→ Record set:
= = = =
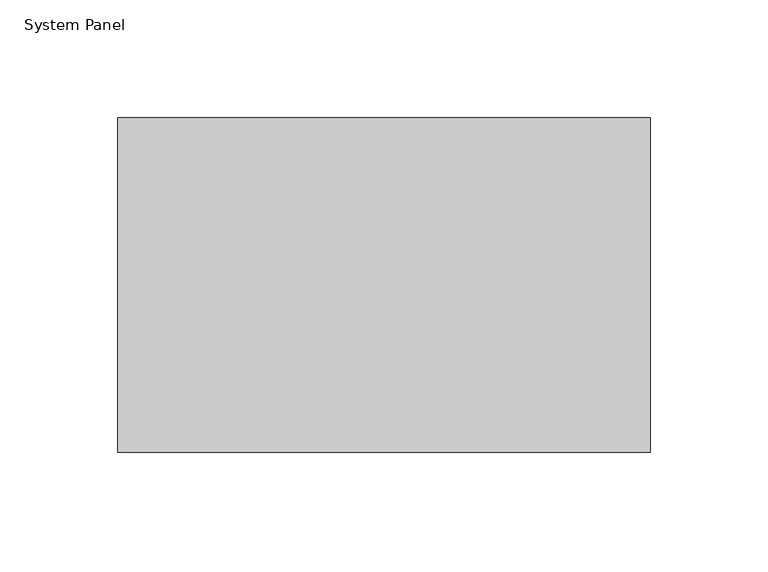
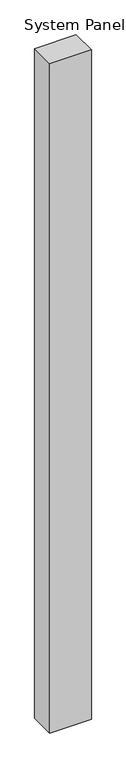
"""IFC4 building model written with IfcOpenShell, lengths in millimetres: plate geometry, System Panel : NLRS_21_CWP_hsb-vulling minerale wol 142 _gen_rsf."""

import ifcopenshell
import ifcopenshell.guid

model = None  # the IFC model being written
_history = None  # IfcOwnerHistory: only IFC2X3 demands one
_inside = {}  # id of a spatial element -> (the spatial element, [elements in it])
_under = {}  # id of a project, library or spatial element -> (it, [spatial elements below it])
_declared = {}  # id of a project -> (the project, [libraries it declares])
_typed = {}  # id of a type object -> (the type object, [elements of that type])
_made_of = {}  # id of a material, layer set ... -> (it, [elements and type objects made of it])


def new_model(schema):
    """Start an empty IFC model of exactly this schema.

    Asked for "IFC4X3", IfcOpenShell would pick the latest addendum, in which some entities
    have other attributes; the version numbers below select the first issue.
    IFC2X3 requires an IfcOwnerHistory on every rooted entity: one is made here for all.
    """
    global model, _history
    if schema == "IFC4X3":
        model = ifcopenshell.file(schema_version=(4, 3, 0, 0))
    else:
        model = ifcopenshell.file(schema=schema)
    _inside.clear()
    _under.clear()
    _declared.clear()
    _typed.clear()
    _made_of.clear()
    _history = None
    if model.schema == "IFC2X3":
        org = make("IfcOrganization", Name="unknown")
        user = make(
            "IfcPersonAndOrganization",
            ThePerson=make("IfcPerson", FamilyName="unknown"),
            TheOrganization=org,
        )
        app = make(
            "IfcApplication",
            ApplicationDeveloper=org,
            Version="unknown",
            ApplicationFullName="unknown",
            ApplicationIdentifier="unknown",
        )
        _history = make(
            "IfcOwnerHistory",
            OwningUser=user,
            OwningApplication=app,
            ChangeAction="ADDED",
            CreationDate=0,
        )
    return model


def make(cls, **values):
    """One entity of the class cls with the attributes given. An attribute that is None is left unset."""
    return model.create_entity(
        cls, **{name: value for name, value in values.items() if value is not None}
    )


def rooted(cls, **values):
    """An entity with a GlobalId (a new one), such as an element, a storey or a relation."""
    return make(cls, GlobalId=ifcopenshell.guid.new(), OwnerHistory=_history, **values)


def si_unit(unit_type, name, prefix=None):
    """IfcSIUnit, for example si_unit("LENGTHUNIT", "METRE", prefix="MILLI")."""
    return make("IfcSIUnit", UnitType=unit_type, Prefix=prefix, Name=name)


def assignment(units):
    """IfcUnitAssignment: the units of a project."""
    return None if units is None else make("IfcUnitAssignment", Units=units)


def point(xyz):
    """IfcCartesianPoint."""
    return None if xyz is None else make("IfcCartesianPoint", Coordinates=xyz)


def direction(xyz):
    """IfcDirection."""
    return None if xyz is None else make("IfcDirection", DirectionRatios=xyz)


def frame(location, z_axis=None, x_axis=None):
    """IfcAxis2Placement3D, a coordinate frame: its origin and axes. An axis left out is left unset."""
    return make(
        "IfcAxis2Placement3D",
        Location=point(location),
        Axis=direction(z_axis),
        RefDirection=direction(x_axis),
    )


def origin():
    """The frame at (0, 0, 0) with its axes left unset."""
    return frame((0.0, 0.0, 0.0))


def origin_with_axes():
    """The frame at (0, 0, 0) with the z axis (0, 0, 1) and the x axis (1, 0, 0) written out."""
    return frame((0.0, 0.0, 0.0), z_axis=(0.0, 0.0, 1.0), x_axis=(1.0, 0.0, 0.0))


def place(relative_to, where):
    """IfcLocalPlacement: puts the frame where relative to a parent placement (None: the world)."""
    return make(
        "IfcLocalPlacement", PlacementRelTo=relative_to, RelativePlacement=where
    )


def context(
    kind, dimensions, precision=None, world=None, true_north=None, identifier=None
):
    """IfcGeometricRepresentationContext, for example the 3D "Model" context."""
    return make(
        "IfcGeometricRepresentationContext",
        ContextIdentifier=identifier,
        ContextType=kind,
        CoordinateSpaceDimension=dimensions,
        Precision=precision,
        WorldCoordinateSystem=world,
        TrueNorth=true_north,
    )


def project(units=None, contexts=None):
    """IfcProject with its units and contexts."""
    return rooted(
        "IfcProject",
        Name="project",
        RepresentationContexts=contexts,
        UnitsInContext=assignment(units),
    )


def spatial(cls, under=None, at=None, **own):
    """A site, building, storey or space (cls), placed at a placement, below another one or the project."""
    s = rooted(cls, ObjectPlacement=at, **own)
    if under is not None:
        _under.setdefault(under.id(), (under, []))[1].append(s)
    return s


def polyline(points):
    """IfcPolyline through the points."""
    return make("IfcPolyline", Points=[point(p) for p in points])


def outline(outer, holes=None, kind="AREA"):
    """IfcArbitraryClosedProfileDef: a profile drawn as a closed curve; with holes, ...WithVoids."""
    if holes is None:
        return make("IfcArbitraryClosedProfileDef", ProfileType=kind, OuterCurve=outer)
    return make(
        "IfcArbitraryProfileDefWithVoids",
        ProfileType=kind,
        OuterCurve=outer,
        InnerCurves=holes,
    )


def extrude(swept, where, along, depth):
    """IfcExtrudedAreaSolid: the profile swept, set in the frame where, extruded along a direction by depth."""
    return make(
        "IfcExtrudedAreaSolid",
        SweptArea=swept,
        Position=where,
        ExtrudedDirection=direction(along),
        Depth=depth,
    )


def shape(context_of_items, identifier, shape_type, items):
    """IfcShapeRepresentation: the items that make up one representation, for example the "Body"."""
    return make(
        "IfcShapeRepresentation",
        ContextOfItems=context_of_items,
        RepresentationIdentifier=identifier,
        RepresentationType=shape_type,
        Items=items,
    )


def source(mapping_origin, context_of_items, identifier, shape_type, items):
    """IfcRepresentationMap: a shape defined once, which mapped items show again and again."""
    return make(
        "IfcRepresentationMap",
        MappingOrigin=mapping_origin,
        MappedRepresentation=shape(context_of_items, identifier, shape_type, items),
    )


def transform(
    local_origin,
    x_axis=None,
    y_axis=None,
    z_axis=None,
    scale=None,
    scale2=None,
    scale3=None,
    uniform=True,
):
    """IfcCartesianTransformationOperator3D, or its non-uniform kind. x_axis, y_axis, z_axis: its Axis1, 2, 3."""
    if uniform:
        return make(
            "IfcCartesianTransformationOperator3D",
            Axis1=direction(x_axis),
            Axis2=direction(y_axis),
            LocalOrigin=point(local_origin),
            Scale=scale,
            Axis3=direction(z_axis),
        )
    return make(
        "IfcCartesianTransformationOperator3DnonUniform",
        Axis1=direction(x_axis),
        Axis2=direction(y_axis),
        LocalOrigin=point(local_origin),
        Scale=scale,
        Axis3=direction(z_axis),
        Scale2=scale2,
        Scale3=scale3,
    )


def mapped(mapping_source, mapping_target):
    """IfcMappedItem: shows the shape of a source again, moved by a transform."""
    return make(
        "IfcMappedItem", MappingSource=mapping_source, MappingTarget=mapping_target
    )


def made_of(thing, what):
    """Note that an element or type object is made of a material, layer set ...; save() writes the relation."""
    if what is not None:
        _made_of.setdefault(what.id(), (what, []))[1].append(thing)
    return thing


def element(
    cls,
    number,
    at=None,
    inside=None,
    cuts=None,
    type_object=None,
    material=None,
    context=None,
    identifier="Body",
    shape_type=None,
    held_by="IfcProductDefinitionShape",
    body=None,
    shapes=None,
    **own,
):
    """One element of the class cls, such as IfcWall. Its Tag is "e" and its number.

    at: its placement. inside: the storey or other place that contains it. cuts: it is an
    opening in that element (IfcRelVoidsElement). A single representation is given by context,
    identifier, shape_type and body (its items); several are given by shapes. held_by: the class
    of the entity that holds the representations. save() writes the other relations.
    """
    e = rooted(cls, Tag="e%d" % number, ObjectPlacement=at, **own)
    if body is not None:
        shapes = [shape(context, identifier, shape_type, body)]
    if shapes is not None:
        e.Representation = make(held_by, Representations=shapes)
    if inside is not None:
        _inside.setdefault(inside.id(), (inside, []))[1].append(e)
    if cuts is not None:
        rooted(
            "IfcRelVoidsElement", RelatingBuildingElement=cuts, RelatedOpeningElement=e
        )
    if type_object is not None:
        _typed.setdefault(type_object.id(), (type_object, []))[1].append(e)
    return made_of(e, material)


def aggregate(whole, parts):
    """IfcRelAggregates: a whole, such as a stair, and the parts it consists of."""
    return rooted("IfcRelAggregates", RelatingObject=whole, RelatedObjects=parts)


def save(model, path):
    """Write the relations noted so far, then the file.

    IfcRelAggregates (storeys below a building ...), IfcRelContainedInSpatialStructure (elements
    in a storey), IfcRelDefinesByType, IfcRelAssociatesMaterial and IfcRelDeclares: one each for
    every whole, place, type object, material and project.
    """
    for whole, parts in _under.values():
        aggregate(whole, parts)
    for where, things in _inside.values():
        rooted(
            "IfcRelContainedInSpatialStructure",
            RelatedElements=things,
            RelatingStructure=where,
        )
    for kind, things in _typed.values():
        rooted("IfcRelDefinesByType", RelatedObjects=things, RelatingType=kind)
    for what, things in _made_of.values():
        rooted("IfcRelAssociatesMaterial", RelatedObjects=things, RelatingMaterial=what)
    for by, libraries in _declared.values():
        rooted("IfcRelDeclares", RelatingContext=by, RelatedDefinitions=libraries)
    model.write(path)


def system_panel_6e26c10f(model_context):
    return source(origin(), model_context, "Body", "SweptSolid", [
        extrude(outline(polyline([(113.0000002, -71.0), (-113.0000002, -71.0), (-113.0000002, 71.0), (113.0000002, 71.0), (113.0000002, -71.0)])), origin_with_axes(), (0.0, 0.0, 1.0), 3849.0),
    ])


if __name__ == "__main__":
    model = new_model("IFC4")
    model_context = context("Model", 3, world=origin())
    ifc_project = project(units=[si_unit("LENGTHUNIT", "METRE", prefix="MILLI")], contexts=[model_context])
    site = spatial("IfcSite", under=ifc_project)
    building = spatial("IfcBuilding", under=site)
    placement = place(None, origin())
    system_panel_shape = system_panel_6e26c10f(model_context)
    element("IfcPlate", 1, ObjectType="System Panel : NLRS_21_CWP_hsb-vulling minerale wol 142 _gen_rsf", at=placement, inside=building, context=model_context, shape_type="MappedRepresentation", body=[
        mapped(system_panel_shape, transform((0.0, 0.0, 0.0), x_axis=(1.0, 0.0, 0.0), y_axis=(0.0, 1.0, 0.0), z_axis=(0.0, 0.0, 1.0))),
    ])
    save(model, "model.ifc")

# Revit data of these elements
# Type "System Panel : NLRS_21_CWP_hsb-vulling minerale wol 142 _gen_rsf"
#   Export Type to IFC As = "IfcWall"
#   Type IfcGUID = "07M7mRoiH1CR8m_RSKIwpC"
#   Assembly Code = "21.23"
# Element 1 (IfcPlate, "System Panel : NLRS_21_CWP_hsb-vulling minerale wol 142 _gen_rsf")
#   Materials on its faces: "NLRS_m1_isolatie minerale wol_gen_rsf"
# Materials
#   "NLRS_m1_isolatie minerale wol_gen_rsf": class "M - Anorganische materialen", colour RGB 200 200 140, transparency 0, Keynote = "m1", Manufacturer = "Revit Standards Foundation", URL = "www.revitstandards.org", Description = "isolatie minerale wol", Cost = 0
= = = =
→ Directions for this task: Using the records above, copy all lines that include the word "setdefault".

→ Solved exercise:
        _under.setdefault(under.id(), (under, []))[1].append(s)
        _made_of.setdefault(what.id(), (what, []))[1].append(thing)
        _inside.setdefault(inside.id(), (inside, []))[1].append(e)
        _typed.setdefault(type_object.id(), (type_object, []))[1].append(e)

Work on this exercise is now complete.